Au final, ces différents accords sont autant de risques pour notre souveraineté : dans le cas de Microsoft, le groupe d'experts militaires mandaté pour en analyser les risques pointait une situation propice à la création d'une dépendance à l'égard de cette entreprise et à un affaiblissement de l'industrie française et européenne du logiciel. C'est sur la base de ces éléments, comme vous le savez, que votre collègue sénatrice Joëlle Garriaud-Maylam a proposé la création d'une commission d'enquête pour faire la lumière sur cet accord-cadre.
Dernier point, la question de la communauté, essentielle dans le monde du logiciel libre. Le logiciel est une série de connaissances - un commun informationnel - transcrites en langage informatique. Les pouvoirs publics se doivent de soutenir le logiciel libre, ressource commune et enjeu de souveraineté qui peut bénéficier à tous : individus, collectivités publiques, entreprises. Il peut être encouragé par l'État, par exemple au moyen d'appels d'offres, ou en soutenant les contributions des agents publics.

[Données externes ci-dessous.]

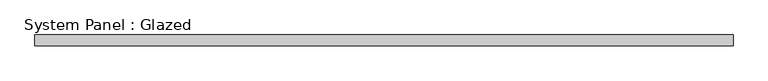
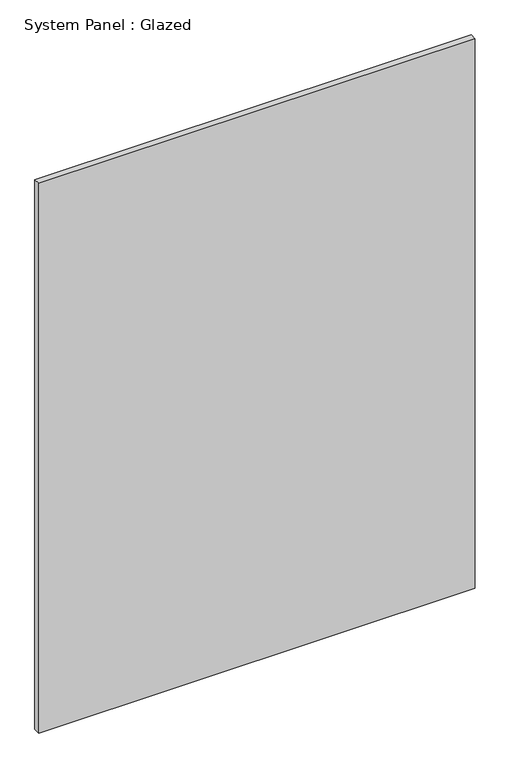
"""IFC4 building model written with IfcOpenShell, lengths in millimetres: plate geometry, System Panel : Glazed."""

import ifcopenshell
import ifcopenshell.guid

model = None  # the IFC model being written
_history = None  # IfcOwnerHistory: only IFC2X3 demands one
_inside = {}  # id of a spatial element -> (the spatial element, [elements in it])
_under = {}  # id of a project, library or spatial element -> (it, [spatial elements below it])
_declared = {}  # id of a project -> (the project, [libraries it declares])
_typed = {}  # id of a type object -> (the type object, [elements of that type])
_made_of = {}  # id of a material, layer set ... -> (it, [elements and type objects made of it])


def new_model(schema):
    """Start an empty IFC model of exactly this schema.

    Asked for "IFC4X3", IfcOpenShell would pick the latest addendum, in which some entities
    have other attributes; the version numbers below select the first issue.
    IFC2X3 requires an IfcOwnerHistory on every rooted entity: one is made here for all.
    """
    global model, _history
    if schema == "IFC4X3":
        model = ifcopenshell.file(schema_version=(4, 3, 0, 0))
    else:
        model = ifcopenshell.file(schema=schema)
    _inside.clear()
    _under.clear()
    _declared.clear()
    _typed.clear()
    _made_of.clear()
    _history = None
    if model.schema == "IFC2X3":
        org = make("IfcOrganization", Name="unknown")
        user = make(
            "IfcPersonAndOrganization",
            ThePerson=make("IfcPerson", FamilyName="unknown"),
            TheOrganization=org,
        )
        app = make(
            "IfcApplication",
            ApplicationDeveloper=org,
            Version="unknown",
            ApplicationFullName="unknown",
            ApplicationIdentifier="unknown",
        )
        _history = make(
            "IfcOwnerHistory",
            OwningUser=user,
            OwningApplication=app,
            ChangeAction="ADDED",
            CreationDate=0,
        )
    return model


def make(cls, **values):
    """One entity of the class cls with the attributes given. An attribute that is None is left unset."""
    return model.create_entity(
        cls, **{name: value for name, value in values.items() if value is not None}
    )


def rooted(cls, **values):
    """An entity with a GlobalId (a new one), such as an element, a storey or a relation."""
    return make(cls, GlobalId=ifcopenshell.guid.new(), OwnerHistory=_history, **values)


def si_unit(unit_type, name, prefix=None):
    """IfcSIUnit, for example si_unit("LENGTHUNIT", "METRE", prefix="MILLI")."""
    return make("IfcSIUnit", UnitType=unit_type, Prefix=prefix, Name=name)


def assignment(units):
    """IfcUnitAssignment: the units of a project."""
    return None if units is None else make("IfcUnitAssignment", Units=units)


def point(xyz):
    """IfcCartesianPoint."""
    return None if xyz is None else make("IfcCartesianPoint", Coordinates=xyz)


def direction(xyz):
    """IfcDirection."""
    return None if xyz is None else make("IfcDirection", DirectionRatios=xyz)


def frame(location, z_axis=None, x_axis=None):
    """IfcAxis2Placement3D, a coordinate frame: its origin and axes. An axis left out is left unset."""
    return make(
        "IfcAxis2Placement3D",
        Location=point(location),
        Axis=direction(z_axis),
        RefDirection=direction(x_axis),
    )


def origin():
    """The frame at (0, 0, 0) with its axes left unset."""
    return frame((0.0, 0.0, 0.0))


def origin_with_axes():
    """The frame at (0, 0, 0) with the z axis (0, 0, 1) and the x axis (1, 0, 0) written out."""
    return frame((0.0, 0.0, 0.0), z_axis=(0.0, 0.0, 1.0), x_axis=(1.0, 0.0, 0.0))


def place(relative_to, where):
    """IfcLocalPlacement: puts the frame where relative to a parent placement (None: the world)."""
    return make(
        "IfcLocalPlacement", PlacementRelTo=relative_to, RelativePlacement=where
    )


def context(
    kind, dimensions, precision=None, world=None, true_north=None, identifier=None
):
    """IfcGeometricRepresentationContext, for example the 3D "Model" context."""
    return make(
        "IfcGeometricRepresentationContext",
        ContextIdentifier=identifier,
        ContextType=kind,
        CoordinateSpaceDimension=dimensions,
        Precision=precision,
        WorldCoordinateSystem=world,
        TrueNorth=true_north,
    )


def project(units=None, contexts=None):
    """IfcProject with its units and contexts."""
    return rooted(
        "IfcProject",
        Name="project",
        RepresentationContexts=contexts,
        UnitsInContext=assignment(units),
    )


def spatial(cls, under=None, at=None, **own):
    """A site, building, storey or space (cls), placed at a placement, below another one or the project."""
    s = rooted(cls, ObjectPlacement=at, **own)
    if under is not None:
        _under.setdefault(under.id(), (under, []))[1].append(s)
    return s


def polyline(points):
    """IfcPolyline through the points."""
    return make("IfcPolyline", Points=[point(p) for p in points])


def outline(outer, holes=None, kind="AREA"):
    """IfcArbitraryClosedProfileDef: a profile drawn as a closed curve; with holes, ...WithVoids."""
    if holes is None:
        return make("IfcArbitraryClosedProfileDef", ProfileType=kind, OuterCurve=outer)
    return make(
        "IfcArbitraryProfileDefWithVoids",
        ProfileType=kind,
        OuterCurve=outer,
        InnerCurves=holes,
    )


def extrude(swept, where, along, depth):
    """IfcExtrudedAreaSolid: the profile swept, set in the frame where, extruded along a direction by depth."""
    return make(
        "IfcExtrudedAreaSolid",
        SweptArea=swept,
        Position=where,
        ExtrudedDirection=direction(along),
        Depth=depth,
    )


def shape(context_of_items, identifier, shape_type, items):
    """IfcShapeRepresentation: the items that make up one representation, for example the "Body"."""
    return make(
        "IfcShapeRepresentation",
        ContextOfItems=context_of_items,
        RepresentationIdentifier=identifier,
        RepresentationType=shape_type,
        Items=items,
    )


def source(mapping_origin, context_of_items, identifier, shape_type, items):
    """IfcRepresentationMap: a shape defined once, which mapped items show again and again."""
    return make(
        "IfcRepresentationMap",
        MappingOrigin=mapping_origin,
        MappedRepresentation=shape(context_of_items, identifier, shape_type, items),
    )


def transform(
    local_origin,
    x_axis=None,
    y_axis=None,
    z_axis=None,
    scale=None,
    scale2=None,
    scale3=None,
    uniform=True,
):
    """IfcCartesianTransformationOperator3D, or its non-uniform kind. x_axis, y_axis, z_axis: its Axis1, 2, 3."""
    if uniform:
        return make(
            "IfcCartesianTransformationOperator3D",
            Axis1=direction(x_axis),
            Axis2=direction(y_axis),
            LocalOrigin=point(local_origin),
            Scale=scale,
            Axis3=direction(z_axis),
        )
    return make(
        "IfcCartesianTransformationOperator3DnonUniform",
        Axis1=direction(x_axis),
        Axis2=direction(y_axis),
        LocalOrigin=point(local_origin),
        Scale=scale,
        Axis3=direction(z_axis),
        Scale2=scale2,
        Scale3=scale3,
    )


def mapped(mapping_source, mapping_target):
    """IfcMappedItem: shows the shape of a source again, moved by a transform."""
    return make(
        "IfcMappedItem", MappingSource=mapping_source, MappingTarget=mapping_target
    )


def made_of(thing, what):
    """Note that an element or type object is made of a material, layer set ...; save() writes the relation."""
    if what is not None:
        _made_of.setdefault(what.id(), (what, []))[1].append(thing)
    return thing


def element(
    cls,
    number,
    at=None,
    inside=None,
    cuts=None,
    type_object=None,
    material=None,
    context=None,
    identifier="Body",
    shape_type=None,
    held_by="IfcProductDefinitionShape",
    body=None,
    shapes=None,
    **own,
):
    """One element of the class cls, such as IfcWall. Its Tag is "e" and its number.

    at: its placement. inside: the storey or other place that contains it. cuts: it is an
    opening in that element (IfcRelVoidsElement). A single representation is given by context,
    identifier, shape_type and body (its items); several are given by shapes. held_by: the class
    of the entity that holds the representations. save() writes the other relations.
    """
    e = rooted(cls, Tag="e%d" % number, ObjectPlacement=at, **own)
    if body is not None:
        shapes = [shape(context, identifier, shape_type, body)]
    if shapes is not None:
        e.Representation = make(held_by, Representations=shapes)
    if inside is not None:
        _inside.setdefault(inside.id(), (inside, []))[1].append(e)
    if cuts is not None:
        rooted(
            "IfcRelVoidsElement", RelatingBuildingElement=cuts, RelatedOpeningElement=e
        )
    if type_object is not None:
        _typed.setdefault(type_object.id(), (type_object, []))[1].append(e)
    return made_of(e, material)


def aggregate(whole, parts):
    """IfcRelAggregates: a whole, such as a stair, and the parts it consists of."""
    return rooted("IfcRelAggregates", RelatingObject=whole, RelatedObjects=parts)


def save(model, path):
    """Write the relations noted so far, then the file.

    IfcRelAggregates (storeys below a building ...), IfcRelContainedInSpatialStructure (elements
    in a storey), IfcRelDefinesByType, IfcRelAssociatesMaterial and IfcRelDeclares: one each for
    every whole, place, type object, material and project.
    """
    for whole, parts in _under.values():
        aggregate(whole, parts)
    for where, things in _inside.values():
        rooted(
            "IfcRelContainedInSpatialStructure",
            RelatedElements=things,
            RelatingStructure=where,
        )
    for kind, things in _typed.values():
        rooted("IfcRelDefinesByType", RelatedObjects=things, RelatingType=kind)
    for what, things in _made_of.values():
        rooted("IfcRelAssociatesMaterial", RelatedObjects=things, RelatingMaterial=what)
    for by, libraries in _declared.values():
        rooted("IfcRelDeclares", RelatingContext=by, RelatedDefinitions=libraries)
    model.write(path)


def system_panel_glazed_3d35191a(model_context):
    return source(origin(), model_context, "Body", "SweptSolid", [
        extrude(outline(polyline([(807.775, -49.5), (-807.775, -49.5), (-807.775, -24.5), (807.775, -24.5), (807.775, -49.5)])), origin_with_axes(), (0.0, 0.0, 1.0), 2150.0),
    ])


if __name__ == "__main__":
    model = new_model("IFC4")
    model_context = context("Model", 3, world=origin())
    ifc_project = project(units=[si_unit("LENGTHUNIT", "METRE", prefix="MILLI")], contexts=[model_context])
    site = spatial("IfcSite", under=ifc_project)
    building = spatial("IfcBuilding", under=site)
    placement = place(None, origin())
    system_panel_glazed_shape = system_panel_glazed_3d35191a(model_context)
    element("IfcPlate", 1, ObjectType="System Panel : Glazed", at=placement, inside=building, context=model_context, shape_type="MappedRepresentation", body=[
        mapped(system_panel_glazed_shape, transform((0.0, 0.0, 0.0), x_axis=(1.0, 0.0, 0.0), y_axis=(0.0, 1.0, 0.0), z_axis=(0.0, 0.0, 1.0))),
    ])
    save(model, "model.ifc")

# Revit data of these elements
# Type "System Panel : Glazed"
#   Keynote = "H11"
#   Construction Type Id = "GSP4R"
#   Analytic Construction = "1/8 in Pilkington single glazing"
#   Visual Light Transmittance = 0.9
#   Solar Heat Gain Coefficient = 0.86
#   Heat Transfer Coefficient (U) = 6.7069 W/(m²·K)
# Element 1 (IfcPlate, "System Panel : Glazed")
#   Materials on its faces: "Glass"
# Materials
#   "Glass": class "Glass", colour RGB 0 128 192, transparency 0.9, Description = "Soda Lime Glass", Cost = 0

Cela passe notamment par l'application effective du référentiel général d'interopérabilité, hélas encore ignoré par un trop grand nombre d'administrations, tout comme le socle interministériel des logiciels libres, catalogue de référence des logiciels libres répondant aux besoins des administrations françaises recommandés par l'État. L'accent doit enfin être porté sur des initiatives promouvant le logiciel libre lors des actions de formation, au-delà de l'apprentissage du code, pour appréhender la dimension tant scientifique que sociale de l'informatique. C'est cela qui permettra véritablement aux jeunes générations de devenir des adultes pleinement informés dans notre société où l'outil informatique et le logiciel sont omniprésents.